Start of Given records

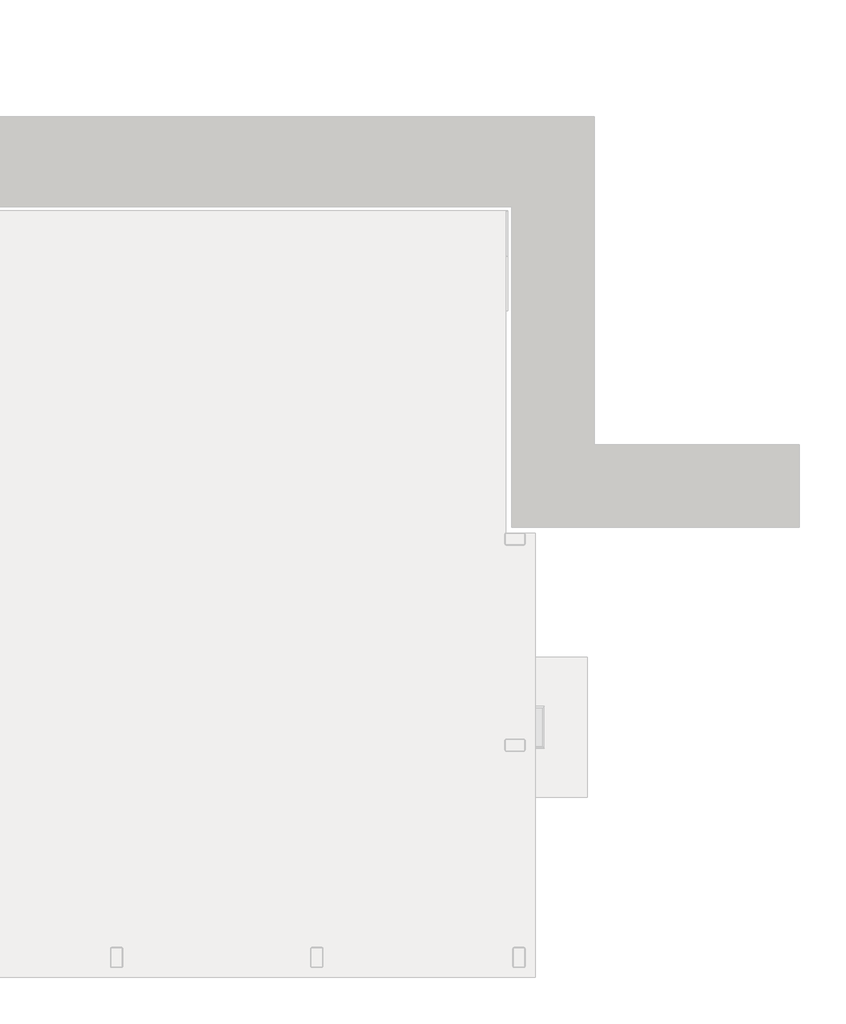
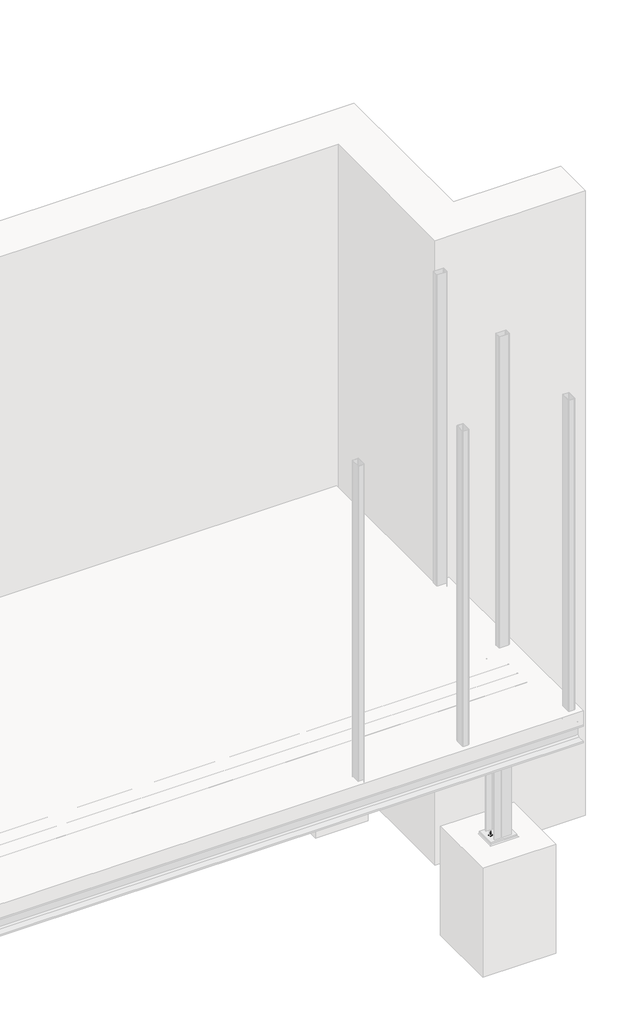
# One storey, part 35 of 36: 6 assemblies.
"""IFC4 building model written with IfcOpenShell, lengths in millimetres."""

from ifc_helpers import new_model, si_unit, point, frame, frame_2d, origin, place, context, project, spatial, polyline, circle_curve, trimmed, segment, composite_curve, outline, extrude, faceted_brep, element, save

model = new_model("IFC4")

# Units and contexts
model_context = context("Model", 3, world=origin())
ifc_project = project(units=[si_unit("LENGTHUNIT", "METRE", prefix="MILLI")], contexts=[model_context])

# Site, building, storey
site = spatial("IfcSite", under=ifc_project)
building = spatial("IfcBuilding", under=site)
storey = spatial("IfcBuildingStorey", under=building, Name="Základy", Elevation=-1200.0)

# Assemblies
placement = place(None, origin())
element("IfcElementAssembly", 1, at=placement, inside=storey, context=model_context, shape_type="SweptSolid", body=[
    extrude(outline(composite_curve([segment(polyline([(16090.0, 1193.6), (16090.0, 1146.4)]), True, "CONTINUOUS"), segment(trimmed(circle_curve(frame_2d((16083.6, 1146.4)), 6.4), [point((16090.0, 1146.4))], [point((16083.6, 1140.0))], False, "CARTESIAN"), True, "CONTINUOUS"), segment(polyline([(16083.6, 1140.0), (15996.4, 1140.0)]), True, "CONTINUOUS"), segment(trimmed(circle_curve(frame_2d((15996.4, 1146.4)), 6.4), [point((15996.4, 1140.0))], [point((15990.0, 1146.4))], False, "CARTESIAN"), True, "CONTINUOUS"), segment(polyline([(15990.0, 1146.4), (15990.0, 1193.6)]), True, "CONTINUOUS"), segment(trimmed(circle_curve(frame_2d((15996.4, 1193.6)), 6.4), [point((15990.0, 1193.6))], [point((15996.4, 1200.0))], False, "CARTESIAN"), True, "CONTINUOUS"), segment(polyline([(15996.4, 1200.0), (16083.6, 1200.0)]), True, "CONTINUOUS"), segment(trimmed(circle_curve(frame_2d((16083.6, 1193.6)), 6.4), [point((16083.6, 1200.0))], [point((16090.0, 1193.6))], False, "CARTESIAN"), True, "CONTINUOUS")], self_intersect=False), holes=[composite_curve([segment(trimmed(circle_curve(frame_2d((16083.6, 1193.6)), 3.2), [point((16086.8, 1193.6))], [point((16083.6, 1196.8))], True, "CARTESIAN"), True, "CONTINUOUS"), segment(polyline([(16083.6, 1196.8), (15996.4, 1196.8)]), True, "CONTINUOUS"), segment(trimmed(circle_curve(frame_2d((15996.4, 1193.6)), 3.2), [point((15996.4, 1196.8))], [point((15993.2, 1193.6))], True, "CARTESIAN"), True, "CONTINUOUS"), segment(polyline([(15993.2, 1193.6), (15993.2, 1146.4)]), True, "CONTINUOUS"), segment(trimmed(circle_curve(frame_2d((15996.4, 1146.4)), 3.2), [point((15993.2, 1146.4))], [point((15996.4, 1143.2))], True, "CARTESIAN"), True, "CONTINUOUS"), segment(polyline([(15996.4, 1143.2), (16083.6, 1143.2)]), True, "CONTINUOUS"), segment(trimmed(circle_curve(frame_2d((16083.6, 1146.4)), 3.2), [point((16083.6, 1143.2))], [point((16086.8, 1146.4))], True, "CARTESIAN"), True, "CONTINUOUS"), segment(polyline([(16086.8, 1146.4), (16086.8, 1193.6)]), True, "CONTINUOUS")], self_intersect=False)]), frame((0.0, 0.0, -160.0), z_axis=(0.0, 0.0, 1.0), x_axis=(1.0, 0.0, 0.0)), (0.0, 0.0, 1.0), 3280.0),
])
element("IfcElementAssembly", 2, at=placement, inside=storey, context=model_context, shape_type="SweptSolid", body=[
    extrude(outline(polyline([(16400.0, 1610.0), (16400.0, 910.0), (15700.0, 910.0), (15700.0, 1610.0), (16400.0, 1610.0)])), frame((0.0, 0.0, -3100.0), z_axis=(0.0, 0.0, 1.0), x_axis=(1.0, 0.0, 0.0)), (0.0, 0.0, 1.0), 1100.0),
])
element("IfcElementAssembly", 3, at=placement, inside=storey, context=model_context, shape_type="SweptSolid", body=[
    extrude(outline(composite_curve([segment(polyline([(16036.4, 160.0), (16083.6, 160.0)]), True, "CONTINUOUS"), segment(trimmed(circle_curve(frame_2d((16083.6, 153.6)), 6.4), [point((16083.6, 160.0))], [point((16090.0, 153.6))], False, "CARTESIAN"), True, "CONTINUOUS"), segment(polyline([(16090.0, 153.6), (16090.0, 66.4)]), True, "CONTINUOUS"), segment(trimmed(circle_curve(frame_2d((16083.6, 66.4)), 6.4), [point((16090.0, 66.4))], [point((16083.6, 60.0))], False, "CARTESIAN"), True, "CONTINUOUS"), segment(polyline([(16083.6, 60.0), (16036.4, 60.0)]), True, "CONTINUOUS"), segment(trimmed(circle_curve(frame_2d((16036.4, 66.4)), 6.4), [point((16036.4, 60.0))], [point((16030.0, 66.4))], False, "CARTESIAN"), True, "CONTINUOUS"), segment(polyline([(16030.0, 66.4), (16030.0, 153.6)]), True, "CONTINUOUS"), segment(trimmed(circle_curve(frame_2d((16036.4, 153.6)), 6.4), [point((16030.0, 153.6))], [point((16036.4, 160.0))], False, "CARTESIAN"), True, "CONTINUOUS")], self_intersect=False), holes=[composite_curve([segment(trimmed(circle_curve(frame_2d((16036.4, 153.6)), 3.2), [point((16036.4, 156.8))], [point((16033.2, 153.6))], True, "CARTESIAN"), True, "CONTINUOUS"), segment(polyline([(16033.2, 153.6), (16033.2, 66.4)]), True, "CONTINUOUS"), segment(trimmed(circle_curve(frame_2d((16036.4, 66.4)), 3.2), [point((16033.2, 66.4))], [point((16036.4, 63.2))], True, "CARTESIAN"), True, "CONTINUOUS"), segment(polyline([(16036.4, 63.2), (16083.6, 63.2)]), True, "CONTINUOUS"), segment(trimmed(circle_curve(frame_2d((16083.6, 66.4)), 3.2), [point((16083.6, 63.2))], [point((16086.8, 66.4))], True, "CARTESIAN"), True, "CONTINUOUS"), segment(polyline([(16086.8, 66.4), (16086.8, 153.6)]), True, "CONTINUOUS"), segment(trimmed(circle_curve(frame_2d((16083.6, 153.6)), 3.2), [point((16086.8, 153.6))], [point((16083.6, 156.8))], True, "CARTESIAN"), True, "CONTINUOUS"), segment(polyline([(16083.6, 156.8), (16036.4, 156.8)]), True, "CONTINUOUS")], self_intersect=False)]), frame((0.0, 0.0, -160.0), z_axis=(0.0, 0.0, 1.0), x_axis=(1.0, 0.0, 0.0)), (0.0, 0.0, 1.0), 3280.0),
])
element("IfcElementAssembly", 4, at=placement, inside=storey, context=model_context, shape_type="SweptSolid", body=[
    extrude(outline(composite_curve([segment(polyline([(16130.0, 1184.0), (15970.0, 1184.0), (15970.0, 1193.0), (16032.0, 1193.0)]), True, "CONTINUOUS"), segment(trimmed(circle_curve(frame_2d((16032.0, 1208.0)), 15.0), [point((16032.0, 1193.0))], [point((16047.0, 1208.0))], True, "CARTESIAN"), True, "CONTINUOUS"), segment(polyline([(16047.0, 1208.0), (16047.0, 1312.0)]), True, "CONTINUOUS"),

End of Given records

● Exercise requirements: Apart from the images, print all the material above exactly as given.

● Answer to the problem:
# One storey, part 35 of 36: 6 assemblies.
"""IFC4 building model written with IfcOpenShell, lengths in millimetres."""

from ifc_helpers import new_model, si_unit, point, frame, frame_2d, origin, place, context, project, spatial, polyline, circle_curve, trimmed, segment, composite_curve, outline, extrude, faceted_brep, element, save

model = new_model("IFC4")

# Units and contexts
model_context = context("Model", 3, world=origin())
ifc_project = project(units=[si_unit("LENGTHUNIT", "METRE", prefix="MILLI")], contexts=[model_context])

# Site, building, storey
site = spatial("IfcSite", under=ifc_project)
building = spatial("IfcBuilding", under=site)
storey = spatial("IfcBuildingStorey", under=building, Name="Základy", Elevation=-1200.0)

# Assemblies
placement = place(None, origin())
element("IfcElementAssembly", 1, at=placement, inside=storey, context=model_context, shape_type="SweptSolid", body=[
    extrude(outline(composite_curve([segment(polyline([(16090.0, 1193.6), (16090.0, 1146.4)]), True, "CONTINUOUS"), segment(trimmed(circle_curve(frame_2d((16083.6, 1146.4)), 6.4), [point((16090.0, 1146.4))], [point((16083.6, 1140.0))], False, "CARTESIAN"), True, "CONTINUOUS"), segment(polyline([(16083.6, 1140.0), (15996.4, 1140.0)]), True, "CONTINUOUS"), segment(trimmed(circle_curve(frame_2d((15996.4, 1146.4)), 6.4), [point((15996.4, 1140.0))], [point((15990.0, 1146.4))], False, "CARTESIAN"), True, "CONTINUOUS"), segment(polyline([(15990.0, 1146.4), (15990.0, 1193.6)]), True, "CONTINUOUS"), segment(trimmed(circle_curve(frame_2d((15996.4, 1193.6)), 6.4), [point((15990.0, 1193.6))], [point((15996.4, 1200.0))], False, "CARTESIAN"), True, "CONTINUOUS"), segment(polyline([(15996.4, 1200.0), (16083.6, 1200.0)]), True, "CONTINUOUS"), segment(trimmed(circle_curve(frame_2d((16083.6, 1193.6)), 6.4), [point((16083.6, 1200.0))], [point((16090.0, 1193.6))], False, "CARTESIAN"), True, "CONTINUOUS")], self_intersect=False), holes=[composite_curve([segment(trimmed(circle_curve(frame_2d((16083.6, 1193.6)), 3.2), [point((16086.8, 1193.6))], [point((16083.6, 1196.8))], True, "CARTESIAN"), True, "CONTINUOUS"), segment(polyline([(16083.6, 1196.8), (15996.4, 1196.8)]), True, "CONTINUOUS"), segment(trimmed(circle_curve(frame_2d((15996.4, 1193.6)), 3.2), [point((15996.4, 1196.8))], [point((15993.2, 1193.6))], True, "CARTESIAN"), True, "CONTINUOUS"), segment(polyline([(15993.2, 1193.6), (15993.2, 1146.4)]), True, "CONTINUOUS"), segment(trimmed(circle_curve(frame_2d((15996.4, 1146.4)), 3.2), [point((15993.2, 1146.4))], [point((15996.4, 1143.2))], True, "CARTESIAN"), True, "CONTINUOUS"), segment(polyline([(15996.4, 1143.2), (16083.6, 1143.2)]), True, "CONTINUOUS"), segment(trimmed(circle_curve(frame_2d((16083.6, 1146.4)), 3.2), [point((16083.6, 1143.2))], [point((16086.8, 1146.4))], True, "CARTESIAN"), True, "CONTINUOUS"), segment(polyline([(16086.8, 1146.4), (16086.8, 1193.6)]), True, "CONTINUOUS")], self_intersect=False)]), frame((0.0, 0.0, -160.0), z_axis=(0.0, 0.0, 1.0), x_axis=(1.0, 0.0, 0.0)), (0.0, 0.0, 1.0), 3280.0),
])
element("IfcElementAssembly", 2, at=placement, inside=storey, context=model_context, shape_type="SweptSolid", body=[
    extrude(outline(polyline([(16400.0, 1610.0), (16400.0, 910.0), (15700.0, 910.0), (15700.0, 1610.0), (16400.0, 1610.0)])), frame((0.0, 0.0, -3100.0), z_axis=(0.0, 0.0, 1.0), x_axis=(1.0, 0.0, 0.0)), (0.0, 0.0, 1.0), 1100.0),
])
element("IfcElementAssembly", 3, at=placement, inside=storey, context=model_context, shape_type="SweptSolid", body=[
    extrude(outline(composite_curve([segment(polyline([(16036.4, 160.0), (16083.6, 160.0)]), True, "CONTINUOUS"), segment(trimmed(circle_curve(frame_2d((16083.6, 153.6)), 6.4), [point((16083.6, 160.0))], [point((16090.0, 153.6))], False, "CARTESIAN"), True, "CONTINUOUS"), segment(polyline([(16090.0, 153.6), (16090.0, 66.4)]), True, "CONTINUOUS"), segment(trimmed(circle_curve(frame_2d((16083.6, 66.4)), 6.4), [point((16090.0, 66.4))], [point((16083.6, 60.0))], False, "CARTESIAN"), True, "CONTINUOUS"), segment(polyline([(16083.6, 60.0), (16036.4, 60.0)]), True, "CONTINUOUS"), segment(trimmed(circle_curve(frame_2d((16036.4, 66.4)), 6.4), [point((16036.4, 60.0))], [point((16030.0, 66.4))], False, "CARTESIAN"), True, "CONTINUOUS"), segment(polyline([(16030.0, 66.4), (16030.0, 153.6)]), True, "CONTINUOUS"), segment(trimmed(circle_curve(frame_2d((16036.4, 153.6)), 6.4), [point((16030.0, 153.6))], [point((16036.4, 160.0))], False, "CARTESIAN"), True, "CONTINUOUS")], self_intersect=False), holes=[composite_curve([segment(trimmed(circle_curve(frame_2d((16036.4, 153.6)), 3.2), [point((16036.4, 156.8))], [point((16033.2, 153.6))], True, "CARTESIAN"), True, "CONTINUOUS"), segment(polyline([(16033.2, 153.6), (16033.2, 66.4)]), True, "CONTINUOUS"), segment(trimmed(circle_curve(frame_2d((16036.4, 66.4)), 3.2), [point((16033.2, 66.4))], [point((16036.4, 63.2))], True, "CARTESIAN"), True, "CONTINUOUS"), segment(polyline([(16036.4, 63.2), (16083.6, 63.2)]), True, "CONTINUOUS"), segment(trimmed(circle_curve(frame_2d((16083.6, 66.4)), 3.2), [point((16083.6, 63.2))], [point((16086.8, 66.4))], True, "CARTESIAN"), True, "CONTINUOUS"), segment(polyline([(16086.8, 66.4), (16086.8, 153.6)]), True, "CONTINUOUS"), segment(trimmed(circle_curve(frame_2d((16083.6, 153.6)), 3.2), [point((16086.8, 153.6))], [point((16083.6, 156.8))], True, "CARTESIAN"), True, "CONTINUOUS"), segment(polyline([(16083.6, 156.8), (16036.4, 156.8)]), True, "CONTINUOUS")], self_intersect=False)]), frame((0.0, 0.0, -160.0), z_axis=(0.0, 0.0, 1.0), x_axis=(1.0, 0.0, 0.0)), (0.0, 0.0, 1.0), 3280.0),
])
element("IfcElementAssembly", 4, at=placement, inside=storey, context=model_context, shape_type="SweptSolid", body=[
    extrude(outline(composite_curve([segment(polyline([(16130.0, 1184.0), (15970.0, 1184.0), (15970.0, 1193.0), (16032.0, 1193.0)]), True, "CONTINUOUS"), segment(trimmed(circle_curve(frame_2d((16032.0, 1208.0)), 15.0), [point((16032.0, 1193.0))], [point((16047.0, 1208.0))], True, "CARTESIAN"), True, "CONTINUOUS"), segment(polyline([(16047.0, 1208.0), (16047.0, 1312.0)]), True, "CONTINUOUS"),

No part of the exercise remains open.